Элизабет услышала, как в детской Люк смеется и без умолку болтает сам с собой.
— Кстати, Мэри, — добавила она со слабой улыбкой. — Пока мы с тобой разговариваем, скажи тому, кто пригонит машину, чтобы он захватил с собой еще и психиатра. Кажется, у Люка появился воображаемый друг…
В детской Айвен закатил глаза и поудобнее устроился на подушке. Он слышал, что она говорила по телефону. С тех пор как он приступил к этой работе, родители называли его только так, и это уже начинало ему по-настоящему надоедать. В нем не было абсолютно ничего воображаемого.
Они просто не могли его увидеть.

Глава третья

Cо стороны Люка было очень мило пригласить меня на обед в тот день. Когда я сказал, что пицца — мое любимое блюдо, это не значило, что я намекал на то, чтобы меня пригласили к столу. Но как можно отказаться от пиццы в пятницу?
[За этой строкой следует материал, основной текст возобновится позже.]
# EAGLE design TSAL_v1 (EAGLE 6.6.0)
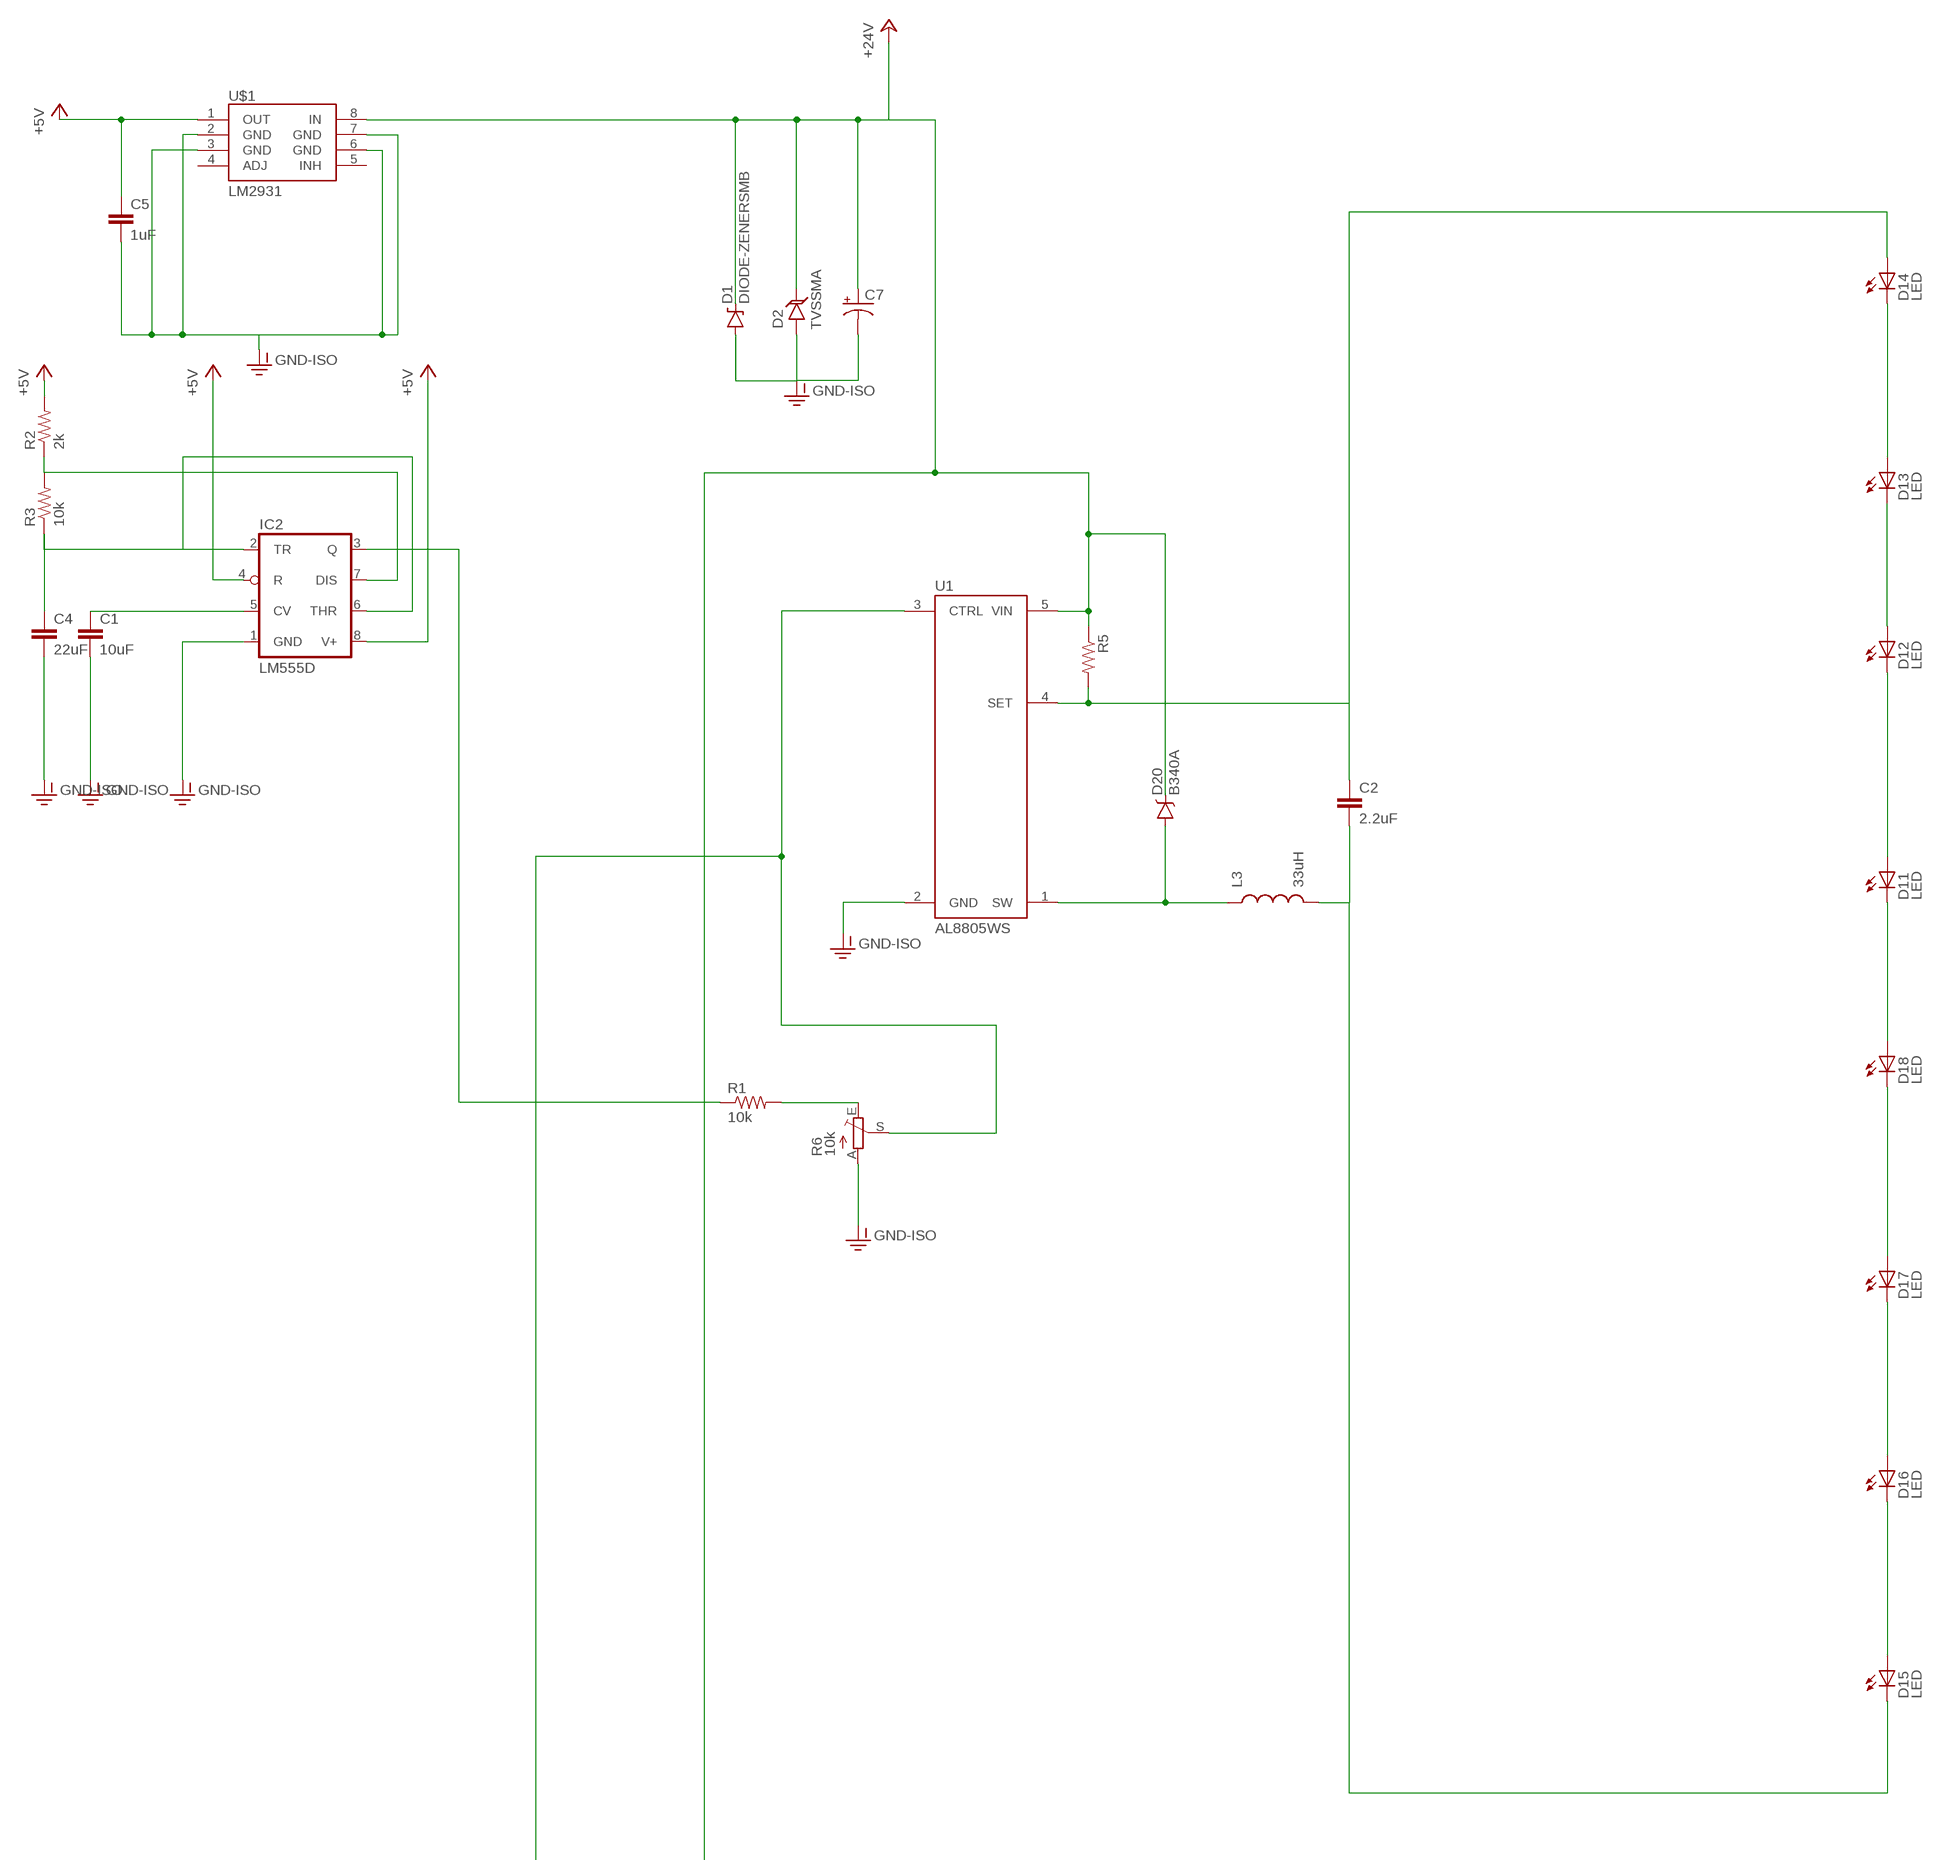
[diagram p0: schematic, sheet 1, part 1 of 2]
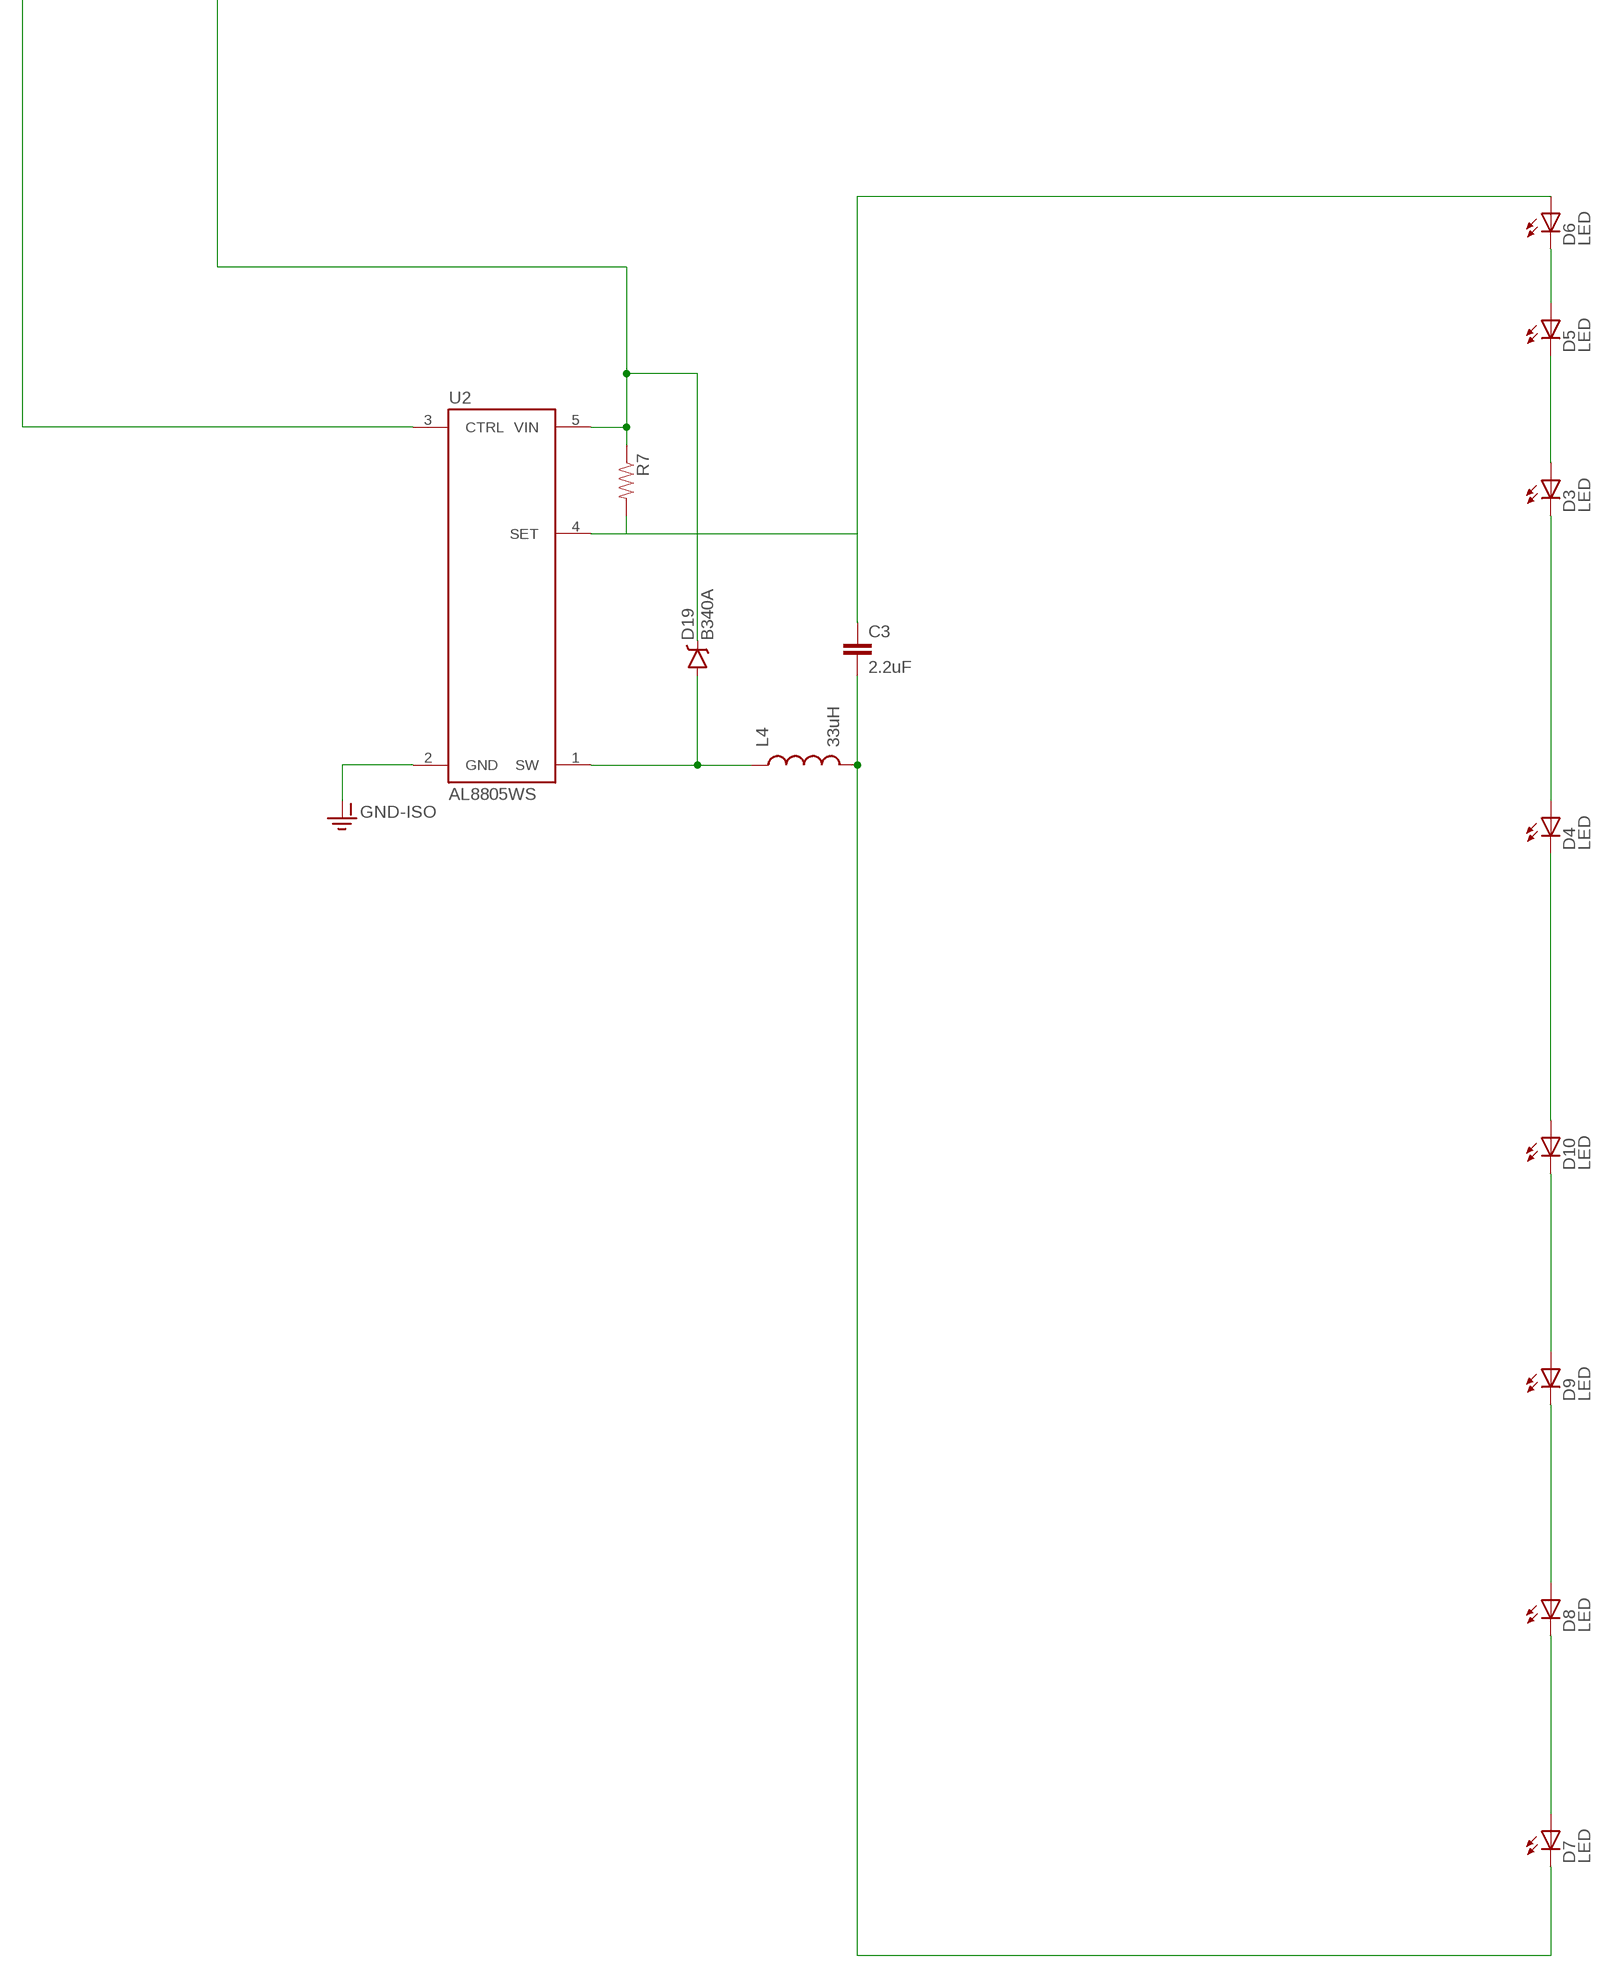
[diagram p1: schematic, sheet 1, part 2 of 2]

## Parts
C1  10uF  CAP0805  [0805]
C2  2.2uF  CAP0805  [0805]
C3  2.2uF  CAP0805  [0805]
C4  22uF  CAP0805  [0805]
C5  1uF  CAP0805  [0805]
C7  CAP_POL6032  [EIA6032]
D1  DIODE-ZENERSMB  [SMB-DIODE]
D2  TVSSMA  [SMA-DIODE]
D3  LED  [LED-SM]
D4  LED  [LED-SM]
D5  LED  [LED-SM]
D6  LED  [LED-SM]
D7  LED  [LED-SM]
D8  LED  [LED-SM]
D9  LED  [LED-SM]
D10  LED  [LED-SM]
D11  LED  [LED-SM]
D12  LED  [LED-SM]
D13  LED  [LED-SM]
D14  LED  [LED-SM]
D15  LED  [LED-SM]
D16  LED  [LED-SM]
D17  LED  [LED-SM]
D18  LED  [LED-SM]
D19  B340A  DIODE-SCHOTTKY-B340A  [SMA-DIODE]
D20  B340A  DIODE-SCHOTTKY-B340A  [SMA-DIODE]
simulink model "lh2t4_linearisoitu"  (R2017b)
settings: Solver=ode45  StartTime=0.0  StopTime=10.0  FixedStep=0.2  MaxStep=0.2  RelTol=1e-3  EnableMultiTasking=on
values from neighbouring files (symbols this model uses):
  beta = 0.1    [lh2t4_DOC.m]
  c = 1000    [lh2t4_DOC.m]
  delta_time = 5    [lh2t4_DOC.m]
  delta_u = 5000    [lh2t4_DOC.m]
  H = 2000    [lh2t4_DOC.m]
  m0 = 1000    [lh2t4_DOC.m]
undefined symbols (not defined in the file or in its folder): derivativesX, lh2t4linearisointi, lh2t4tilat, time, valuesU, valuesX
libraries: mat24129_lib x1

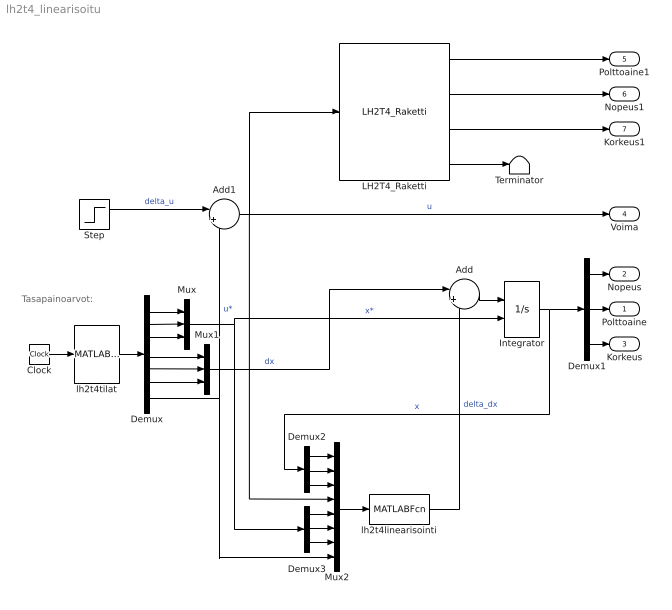
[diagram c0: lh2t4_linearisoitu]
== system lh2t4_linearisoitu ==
  note: Tasapainoarvot:
  Add : Sum  Inputs=|++
  Add1 : Sum  Inputs=|++
  Clock : Clock
  Demux : Demux  Outputs=7
  Demux1 : Demux  Outputs=3
  Demux2 : Demux  Outputs=3
  Demux3 : Demux  Outputs=3
  Integrator : Integrator  InitialConditionSource=external
  LH2T4_Raketti : mat24129_lib/LH2T4_Raketti
  Mux : Mux  Inputs=3
  Mux1 : Mux  Inputs=3
  Mux2 : Mux  Inputs=8
  Step : Step  Time=delta_time  After=delta_u  SampleTime=0
  Terminator : Terminator
  lh2t4linearisointi : MATLABFcn  MATLABFcn=lh2t4linearisointi (u, H, m0, beta, c)  OutputDimensions=3  Output1D=off
  lh2t4tilat : MATLABFcn  MATLABFcn=lh2t4tilat (u, valuesX.signals.values, derivativesX.signals.values, valuesU.signals.values, time)  OutputDimensions=7  Output1D=off
  Polttoaine : Outport
  Nopeus : Outport  Port=2
  Korkeus : Outport  Port=3
  Voima : Outport  Port=4
  Polttoaine1 : Outport  Port=5
  Nopeus1 : Outport  Port=6
  Korkeus1 : Outport  Port=7
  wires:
  Clock/1 -> lh2t4tilat/1
  lh2t4tilat/1 -> Demux/1
  Mux/1 -> Integrator/2, Demux3/1  "x*"
  Integrator/1 -> Demux1/1, Demux2/1  "x"
  Demux1/1 -> Nopeus/1
  Demux1/3 -> Korkeus/1
  Demux1/2 -> Polttoaine/1
  LH2T4_Raketti/1 -> Polttoaine1/1
  LH2T4_Raketti/2 -> Nopeus1/1
  LH2T4_Raketti/3 -> Korkeus1/1
  Demux2/1 -> Mux2/1
  Demux2/2 -> Mux2/2
  Demux2/3 -> Mux2/3
  Demux3/1 -> Mux2/5
  Demux3/2 -> Mux2/6
  Demux3/3 -> Mux2/7
  Mux2/1 -> lh2t4linearisointi/1
  Mux1/1 -> Add/1  "dx"
  lh2t4linearisointi/1 -> Add/2  "delta_dx"
  Add/1 -> Integrator/1
  Demux/7 -> Mux2/8, Add1/2  "u*"
  Add1/1 -> Voima/1, Mux2/4, LH2T4_Raketti/1  "u"
  Step/1 -> Add1/1  "delta_u"
  Demux/6 -> Mux1/3
  Demux/5 -> Mux1/2
  Demux/4 -> Mux1/1
  Demux/3 -> Mux/3
  Demux/2 -> Mux/2
  Demux/1 -> Mux/1
  LH2T4_Raketti/4 -> Terminator/1

Это повод для двойного торжества. Как бы то ни было, после происшествия в детской у меня создалось впечатление, что его тете я не слишком нравлюсь, но я не удивился, потому что так оно обычно и бывает. Родители всегда считают, что готовить для меня — это расточительство, потому что в результате им всегда приходится эту еду выкидывать. Сложная получается ситуация: понимаете, очень трудно съесть что-нибудь, будучи втиснутым в очень маленькое пространство за столом, когда все смотрят на тебя, желая знать, исчезнет еда или нет. В итоге я испытываю такой стресс, что просто не могу есть, и приходится оставлять еду на тарелке нетронутой.
Не то чтобы я жаловался, ведь быть приглашенным на обед само по себе очень приятно, но взрослые никогда не кладут мне на тарелку столько же еды, сколько другим. Мне никогда не кладут даже половины и всегда говорят что-нибудь вроде: «О, уверен, Айвен сегодня все равно не голоден». Им-то откуда знать? Они же никогда не спрашивают. Обычно за столом я зажат между тем, кто на тот момент является моим лучшим другом, и надоедливым старшим братом или сестрой, которые тащат с моей тарелки еду, пока никто не видит.
Мне забывают давать такие вещи, как салфетки, приборы, а уж в отношении вина щедрости не дождешься. (Иногда передо мной ставят пустую тарелку и говорят моему лучшему другу, что невидимые люди едят невидимую еду. Ну да, конечно, разве невидимые деревья качаются из-за невидимого ветра?) Обычно я получаю стакан воды, да и то только тогда, когда вежливо прошу об этом своих друзей. Взрослые считают странным, что мне во время еды нужна вода, но еще больше они удивляются, когда я прошу лед. Но ведь лед ничего не стоит, а кому не хочется выпить в жару холодненького?
Разговоры со мной обычно ведут матери. Но они задают вопросы, не слушая ответов, или делают вид, что я сказал что-то другое, чтобы всех насмешить. Говоря со мной, они даже смотрят мне на грудь, как будто считают, что я не больше гнома. Это просто такой стереотип. Для справки: мой рост метр восемьдесят, и там, откуда я прибыл, у нас нет понятия возраста: мы сразу начинаем существовать такими, как есть, и растем скорее духовно, чем физически. Растут наши мозги. Могу вам сказать, что сейчас мой мозг уже достаточно большой, но это не предел.